If a line holds the word "below", copy it from the entries.

-=-=-=-=-

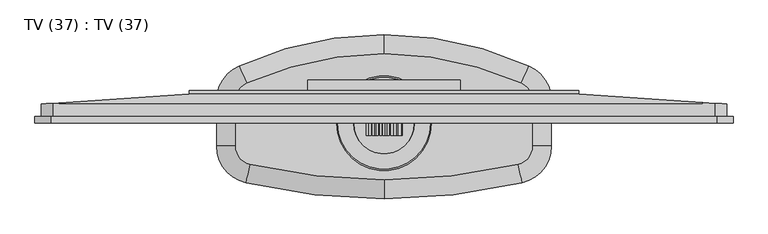
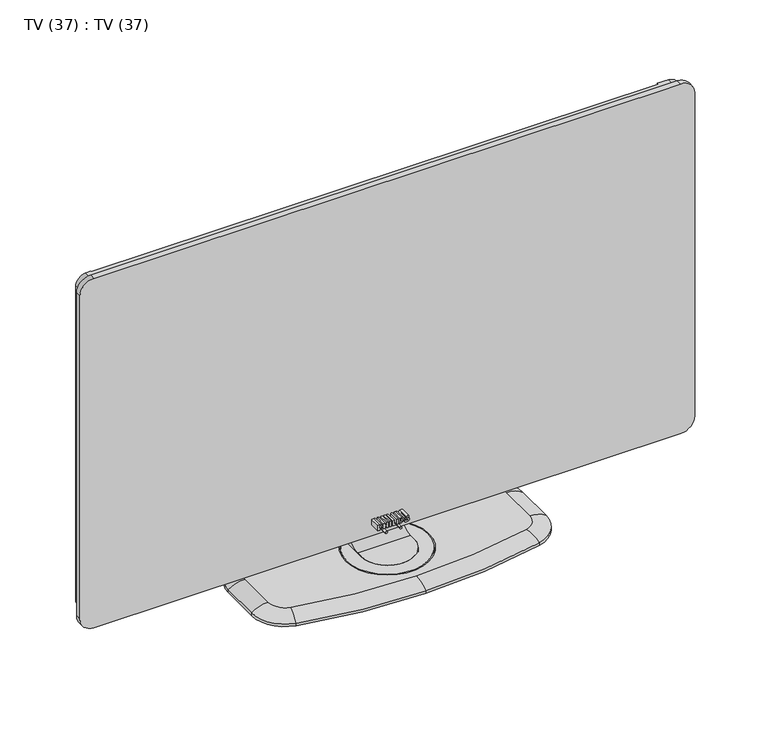
"""IFC4 building model written with IfcOpenShell, lengths in millimetres: furniture geometry, TV (37) : TV (37)."""

import ifcopenshell
import ifcopenshell.guid

model = None  # the IFC model being written
_history = None  # IfcOwnerHistory: only IFC2X3 demands one
_inside = {}  # id of a spatial element -> (the spatial element, [elements in it])
_under = {}  # id of a project, library or spatial element -> (it, [spatial elements below it])
_declared = {}  # id of a project -> (the project, [libraries it declares])
_typed = {}  # id of a type object -> (the type object, [elements of that type])
_made_of = {}  # id of a material, layer set ... -> (it, [elements and type objects made of it])


def new_model(schema):
    """Start an empty IFC model of exactly this schema.

    Asked for "IFC4X3", IfcOpenShell would pick the latest addendum, in which some entities
    have other attributes; the version numbers below select the first issue.
    IFC2X3 requires an IfcOwnerHistory on every rooted entity: one is made here for all.
    """
    global model, _history
    if schema == "IFC4X3":
        model = ifcopenshell.file(schema_version=(4, 3, 0, 0))
    else:
        model = ifcopenshell.file(schema=schema)
    _inside.clear()
    _under.clear()
    _declared.clear()
    _typed.clear()
    _made_of.clear()
    _history = None
    if model.schema == "IFC2X3":
        org = make("IfcOrganization", Name="unknown")
        user = make(
            "IfcPersonAndOrganization",
            ThePerson=make("IfcPerson", FamilyName="unknown"),
            TheOrganization=org,
        )
        app = make(
            "IfcApplication",
            ApplicationDeveloper=org,
            Version="unknown",
            ApplicationFullName="unknown",
            ApplicationIdentifier="unknown",
        )
        _history = make(
            "IfcOwnerHistory",
            OwningUser=user,
            OwningApplication=app,
            ChangeAction="ADDED",
            CreationDate=0,
        )
    return model


def make(cls, **values):
    """One entity of the class cls with the attributes given. An attribute that is None is left unset."""
    return model.create_entity(
        cls, **{name: value for name, value in values.items() if value is not None}
    )


def rooted(cls, **values):
    """An entity with a GlobalId (a new one), such as an element, a storey or a relation."""
    return make(cls, GlobalId=ifcopenshell.guid.new(), OwnerHistory=_history, **values)


def si_unit(unit_type, name, prefix=None):
    """IfcSIUnit, for example si_unit("LENGTHUNIT", "METRE", prefix="MILLI")."""
    return make("IfcSIUnit", UnitType=unit_type, Prefix=prefix, Name=name)


def assignment(units):
    """IfcUnitAssignment: the units of a project."""
    return None if units is None else make("IfcUnitAssignment", Units=units)


def point(xyz):
    """IfcCartesianPoint."""
    return None if xyz is None else make("IfcCartesianPoint", Coordinates=xyz)


def direction(xyz):
    """IfcDirection."""
    return None if xyz is None else make("IfcDirection", DirectionRatios=xyz)


def frame(location, z_axis=None, x_axis=None):
    """IfcAxis2Placement3D, a coordinate frame: its origin and axes. An axis left out is left unset."""
    return make(
        "IfcAxis2Placement3D",
        Location=point(location),
        Axis=direction(z_axis),
        RefDirection=direction(x_axis),
    )


def frame_2d(location, x_axis=None):
    """IfcAxis2Placement2D, a coordinate frame in the plane: its origin and x axis."""
    return make(
        "IfcAxis2Placement2D", Location=point(location), RefDirection=direction(x_axis)
    )


def origin():
    """The frame at (0, 0, 0) with its axes left unset."""
    return frame((0.0, 0.0, 0.0))


def place(relative_to, where):
    """IfcLocalPlacement: puts the frame where relative to a parent placement (None: the world)."""
    return make(
        "IfcLocalPlacement", PlacementRelTo=relative_to, RelativePlacement=where
    )


def context(
    kind, dimensions, precision=None, world=None, true_north=None, identifier=None
):
    """IfcGeometricRepresentationContext, for example the 3D "Model" context."""
    return make(
        "IfcGeometricRepresentationContext",
        ContextIdentifier=identifier,
        ContextType=kind,
        CoordinateSpaceDimension=dimensions,
        Precision=precision,
        WorldCoordinateSystem=world,
        TrueNorth=true_north,
    )


def project(units=None, contexts=None):
    """IfcProject with its units and contexts."""
    return rooted(
        "IfcProject",
        Name="project",
        RepresentationContexts=contexts,
        UnitsInContext=assignment(units),
    )


def spatial(cls, under=None, at=None, **own):
    """A site, building, storey or space (cls), placed at a placement, below another one or the project."""
    s = rooted(cls, ObjectPlacement=at, **own)
    if under is not None:
        _under.setdefault(under.id(), (under, []))[1].append(s)
    return s


def polyline(points):
    """IfcPolyline through the points."""
    return make("IfcPolyline", Points=[point(p) for p in points])


def circle_curve(where, radius):
    """IfcCircle in the frame where."""
    return make("IfcCircle", Position=where, Radius=radius)


def ellipse_curve(where, semi_axis1, semi_axis2):
    """IfcEllipse in the frame where."""
    return make(
        "IfcEllipse", Position=where, SemiAxis1=semi_axis1, SemiAxis2=semi_axis2
    )


def trimmed(basis, trim1, trim2, sense, master):
    """IfcTrimmedCurve: the piece of a basis curve between two trims."""
    return make(
        "IfcTrimmedCurve",
        BasisCurve=basis,
        Trim1=trim1,
        Trim2=trim2,
        SenseAgreement=sense,
        MasterRepresentation=master,
    )


def segment(curve, same_sense, transition):
    """IfcCompositeCurveSegment."""
    return make(
        "IfcCompositeCurveSegment",
        Transition=transition,
        SameSense=same_sense,
        ParentCurve=curve,
    )


def composite_curve(segments, self_intersect=None):
    """IfcCompositeCurve: segments joined end to end."""
    return make("IfcCompositeCurve", Segments=segments, SelfIntersect=self_intersect)


def outline(outer, holes=None, kind="AREA"):
    """IfcArbitraryClosedProfileDef: a profile drawn as a closed curve; with holes, ...WithVoids."""
    if holes is None:
        return make("IfcArbitraryClosedProfileDef", ProfileType=kind, OuterCurve=outer)
    return make(
        "IfcArbitraryProfileDefWithVoids",
        ProfileType=kind,
        OuterCurve=outer,
        InnerCurves=holes,
    )


def extrude(swept, where, along, depth):
    """IfcExtrudedAreaSolid: the profile swept, set in the frame where, extruded along a direction by depth."""
    return make(
        "IfcExtrudedAreaSolid",
        SweptArea=swept,
        Position=where,
        ExtrudedDirection=direction(along),
        Depth=depth,
    )


def shape(context_of_items, identifier, shape_type, items):
    """IfcShapeRepresentation: the items that make up one representation, for example the "Body"."""
    return make(
        "IfcShapeRepresentation",
        ContextOfItems=context_of_items,
        RepresentationIdentifier=identifier,
        RepresentationType=shape_type,
        Items=items,
    )


def source(mapping_origin, context_of_items, identifier, shape_type, items):
    """IfcRepresentationMap: a shape defined once, which mapped items show again and again."""
    return make(
        "IfcRepresentationMap",
        MappingOrigin=mapping_origin,
        MappedRepresentation=shape(context_of_items, identifier, shape_type, items),
    )


def transform(
    local_origin,
    x_axis=None,
    y_axis=None,
    z_axis=None,
    scale=None,
    scale2=None,
    scale3=None,
    uniform=True,
):
    """IfcCartesianTransformationOperator3D, or its non-uniform kind. x_axis, y_axis, z_axis: its Axis1, 2, 3."""
    if uniform:
        return make(
            "IfcCartesianTransformationOperator3D",
            Axis1=direction(x_axis),
            Axis2=direction(y_axis),
            LocalOrigin=point(local_origin),
            Scale=scale,
            Axis3=direction(z_axis),
        )
    return make(
        "IfcCartesianTransformationOperator3DnonUniform",
        Axis1=direction(x_axis),
        Axis2=direction(y_axis),
        LocalOrigin=point(local_origin),
        Scale=scale,
        Axis3=direction(z_axis),
        Scale2=scale2,
        Scale3=scale3,
    )


def mapped(mapping_source, mapping_target):
    """IfcMappedItem: shows the shape of a source again, moved by a transform."""
    return make(
        "IfcMappedItem", MappingSource=mapping_source, MappingTarget=mapping_target
    )


def made_of(thing, what):
    """Note that an element or type object is made of a material, layer set ...; save() writes the relation."""
    if what is not None:
        _made_of.setdefault(what.id(), (what, []))[1].append(thing)
    return thing


def element(
    cls,
    number,
    at=None,
    inside=None,
    cuts=None,
    type_object=None,
    material=None,
    context=None,
    identifier="Body",
    shape_type=None,
    held_by="IfcProductDefinitionShape",
    body=None,
    shapes=None,
    **own,
):
    """One element of the class cls, such as IfcWall. Its Tag is "e" and its number.

    at: its placement. inside: the storey or other place that contains it. cuts: it is an
    opening in that element (IfcRelVoidsElement). A single representation is given by context,
    identifier, shape_type and body (its items); several are given by shapes. held_by: the class
    of the entity that holds the representations. save() writes the other relations.
    """
    e = rooted(cls, Tag="e%d" % number, ObjectPlacement=at, **own)
    if body is not None:
        shapes = [shape(context, identifier, shape_type, body)]
    if shapes is not None:
        e.Representation = make(held_by, Representations=shapes)
    if inside is not None:
        _inside.setdefault(inside.id(), (inside, []))[1].append(e)
    if cuts is not None:
        rooted(
            "IfcRelVoidsElement", RelatingBuildingElement=cuts, RelatedOpeningElement=e
        )
    if type_object is not None:
        _typed.setdefault(type_object.id(), (type_object, []))[1].append(e)
    return made_of(e, material)


def aggregate(whole, parts):
    """IfcRelAggregates: a whole, such as a stair, and the parts it consists of."""
    return rooted("IfcRelAggregates", RelatingObject=whole, RelatedObjects=parts)


def save(model, path):
    """Write the relations noted so far, then the file.

    IfcRelAggregates (storeys below a building ...), IfcRelContainedInSpatialStructure (elements
    in a storey), IfcRelDefinesByType, IfcRelAssociatesMaterial and IfcRelDeclares: one each for
    every whole, place, type object, material and project.
    """
    for whole, parts in _under.values():
        aggregate(whole, parts)
    for where, things in _inside.values():
        rooted(
            "IfcRelContainedInSpatialStructure",
            RelatedElements=things,
            RelatingStructure=where,
        )
    for kind, things in _typed.values():
        rooted("IfcRelDefinesByType", RelatedObjects=things, RelatingType=kind)
    for what, things in _made_of.values():
        rooted("IfcRelAssociatesMaterial", RelatedObjects=things, RelatingMaterial=what)
    for by, libraries in _declared.values():
        rooted("IfcRelDeclares", RelatingContext=by, RelatedDefinitions=libraries)
    model.write(path)


def plane_surface(at):
    """IfcPlane: the flat surface through the origin of the frame at, square to its z axis."""
    return make("IfcPlane", Position=at)


def cylinder_surface(at, radius):
    """IfcCylindricalSurface: all points at the distance radius from the z axis of the frame at."""
    return make("IfcCylindricalSurface", Position=at, Radius=radius)


def revolved_surface(curve, axis_point, axis_direction):
    """IfcSurfaceOfRevolution: the curve turned about the line through axis_point along axis_direction."""
    return make(
        "IfcSurfaceOfRevolution",
        SweptCurve=make("IfcArbitraryOpenProfileDef", ProfileType="CURVE", Curve=curve),
        AxisPosition=make("IfcAxis1Placement", Location=point(axis_point), Axis=direction(axis_direction)),
    )


def advanced_brep(points, edges, surfaces, faces):
    """IfcAdvancedBrep: a solid bounded by faces that lie on surfaces and meet in shared edges.

    An edge is (start, end): straight between two places in points (the first is 0);
    or (start, end, curve); or (start, end, curve, False) where it runs against its curve.
    A face is (place in surfaces, loops), or (place, loops, False) where it looks against
    its surface's normal. A loop lists edges by number (the first is 1), with a minus sign
    where the edge is run from its end to its start. The first loop is the outer one.
    """
    corners = [point(p) for p in points]
    vertices = [make("IfcVertexPoint", VertexGeometry=c) for c in corners]
    made = []
    for start, end, *more in edges:
        made.append(
            make(
                "IfcEdgeCurve",
                EdgeStart=vertices[start],
                EdgeEnd=vertices[end],
                EdgeGeometry=more[0] if more else make("IfcPolyline", Points=[corners[start], corners[end]]),
                SameSense=more[1] if len(more) > 1 else True,
            )
        )
    hull = []
    for where, loops, *sense in faces:
        bounds = []
        for j, loop in enumerate(loops):
            ring = [make("IfcOrientedEdge", EdgeElement=made[abs(k) - 1], Orientation=k > 0) for k in loop]
            bounds.append(
                make(
                    "IfcFaceOuterBound" if j == 0 else "IfcFaceBound",
                    Bound=make("IfcEdgeLoop", EdgeList=ring),
                    Orientation=True,
                )
            )
        hull.append(make("IfcAdvancedFace", Bounds=bounds, FaceSurface=surfaces[where], SameSense=sense[0] if sense else True))
    return make("IfcAdvancedBrep", Outer=make("IfcClosedShell", CfsFaces=hull))


def tv_37_tv_37_058471c0(model_context):
    return source(origin(), model_context, "Body", "SolidModel", [
        advanced_brep(
        [(47.5, 88.0, 133.1843541), (47.5, 88.0, 218.1843541), (47.5, 78.0, 218.1843541), (47.5, 78.0, 133.6678583), (47.5, 59.7827761, 41.2895959), (47.5, 32.0312094, 20.0814552), (47.5, 29.7558767, 20.0), (47.5, 18.8623336, 20.0), (47.5, 18.8623336, 10.0), (47.5, 44.5, 10.0), (47.5, 69.2193203, 37.9802704), (-47.5, 88.0, 133.1843541), (-47.5, 69.2193203, 37.9802704), (-47.5, 44.5, 10.0), (-47.5, 18.8623336, 10.0), (-47.5, 18.8623336, 20.0), (-47.5, 29.7558767, 20.0), (-47.5, 32.0312094, 20.0814552), (-47.5, 59.7827761, 41.2895959), (-47.5, 78.0, 133.6678583), (-47.5, 78.0, 218.1843541), (-47.5, 88.0, 218.1843541)],
        [
            (0, 1),
            (1, 2),
            (2, 3),
            (3, 4, circle_curve(frame((47.5, -252.8458142, 150.9261062), z_axis=(-1.0, 0.0, 0.0), x_axis=(0.0, 1.0, 0.0)), 331.2956382)),
            (4, 5, circle_curve(frame((47.5, 29.7558767, 51.8198052), z_axis=(-1.0, 0.0, 0.0), x_axis=(0.0, 1.0, 0.0)), 31.8198052)),
            (5, 6, circle_curve(frame((47.5, 29.7558767, 51.8198052), z_axis=(-1.0, 0.0, 0.0), x_axis=(0.0, 1.0, 0.0)), 31.8198052)),
            (6, 7),
            (7, 8),
            (8, 9),
            (9, 10, circle_curve(frame((47.5, 16.5507824, 59.6012298), z_axis=(1.0, 0.0, 0.0), x_axis=(0.0, 1.0, 0.0)), 56.9336523)),
            (10, 0, circle_curve(frame((47.5, -162.6973021, 133.1843541), z_axis=(1.0, 0.0, 0.0), x_axis=(0.0, 1.0, 0.0)), 250.6973021)),
            (11, 12, circle_curve(frame((-47.5, -162.6973021, 133.1843541), z_axis=(-1.0, 0.0, 0.0), x_axis=(0.0, 1.0, 0.0)), 250.6973021)),
            (12, 13, circle_curve(frame((-47.5, 16.5507824, 59.6012298), z_axis=(-1.0, 0.0, 0.0), x_axis=(0.0, 1.0, 0.0)), 56.9336523)),
            (13, 14),
            (14, 15),
            (15, 16),
            (16, 17, circle_curve(frame((-47.5, 29.7558767, 51.8198052), z_axis=(1.0, 0.0, 0.0), x_axis=(0.0, 1.0, 0.0)), 31.8198052)),
            (17, 18, circle_curve(frame((-47.5, 29.7558767, 51.8198052), z_axis=(1.0, 0.0, 0.0), x_axis=(0.0, 1.0, 0.0)), 31.8198052)),
            (18, 19, circle_curve(frame((-47.5, -252.8458142, 150.9261062), z_axis=(1.0, 0.0, 0.0), x_axis=(0.0, 1.0, 0.0)), 331.2956382)),
            (19, 20),
            (20, 21),
            (21, 11),
            (0, 11),
            (21, 1),
            (20, 2),
            (19, 3),
            (18, 4),
            (16, 6),
            (15, 7, circle_curve(frame((0.0, 18.8623336, 20.0), z_axis=(0.0, 0.0, 1.0), x_axis=(1.0, 0.0, 0.0)), 47.5)),
            (8, 14, circle_curve(frame((0.0, 18.8623336, 10.0), z_axis=(0.0, 0.0, -1.0), x_axis=(1.0, 0.0, 0.0)), 47.5)),
            (13, 9),
            (12, 10),
        ],
        [
            plane_surface(frame((47.5, 88.0, 393.1843541), z_axis=(1.0, 0.0, 0.0), x_axis=(0.0, 0.0, 1.0))),
            plane_surface(frame((-47.5, 88.0, 393.1843541), z_axis=(-1.0, 0.0, 0.0), x_axis=(0.0, 0.0, -1.0))),
            plane_surface(frame((47.5, 88.0, 133.1843541), z_axis=(0.0, 1.0, 0.0), x_axis=(-1.0, 0.0, 0.0))),
            plane_surface(frame((47.5, 88.0, 218.1843541), z_axis=(0.0, 0.0, 1.0), x_axis=(-1.0, 0.0, 0.0))),
            plane_surface(frame((47.5, 78.0, 218.1843541), z_axis=(0.0, -1.0, 0.0), x_axis=(-1.0, 0.0, 0.0))),
            revolved_surface(polyline([(-47.5, 78.44982399999998, 150.9261062), (47.5, 78.44982399999998, 150.9261062)]), (-47.5, -252.8458142, 150.9261062), (-1.0, 0.0, 0.0)),
            revolved_surface(polyline([(-47.5, 61.575681900000006, 51.8198052), (47.5, 61.575681900000006, 51.8198052)]), (-47.5, 29.7558767, 51.8198052), (-1.0, 0.0, 0.0)),
            plane_surface(frame((47.5, 29.7558767, 20.0), z_axis=(0.0, 0.0, 1.0), x_axis=(-1.0, 0.0, 0.0))),
            plane_surface(frame((47.5, 18.8623336, 10.0), z_axis=(0.0, 0.0, -1.0), x_axis=(-1.0, 0.0, 0.0))),
            cylinder_surface(frame((-47.5, 16.5507824, 59.6012298), z_axis=(1.0, 0.0, 0.0), x_axis=(0.0, 1.0, 0.0)), 56.9336523),
            cylinder_surface(frame((-47.5, -162.6973021, 133.1843541), z_axis=(1.0, 0.0, 0.0), x_axis=(0.0, 1.0, 0.0)), 250.6973021),
            cylinder_surface(frame((0.0, 18.8623336, 10.0), z_axis=(0.0, 0.0, 1.0), x_axis=(1.0, 0.0, 0.0)), 47.5),
        ],
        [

-=-=-=-=-

REPLY TO THE EXERCISE
_under = {}  # id of a project, library or spatial element -> (it, [spatial elements below it])
    have other attributes; the version numbers below select the first issue.
    """A site, building, storey or space (cls), placed at a placement, below another one or the project."""
    IfcRelAggregates (storeys below a building ...), IfcRelContainedInSpatialStructure (elements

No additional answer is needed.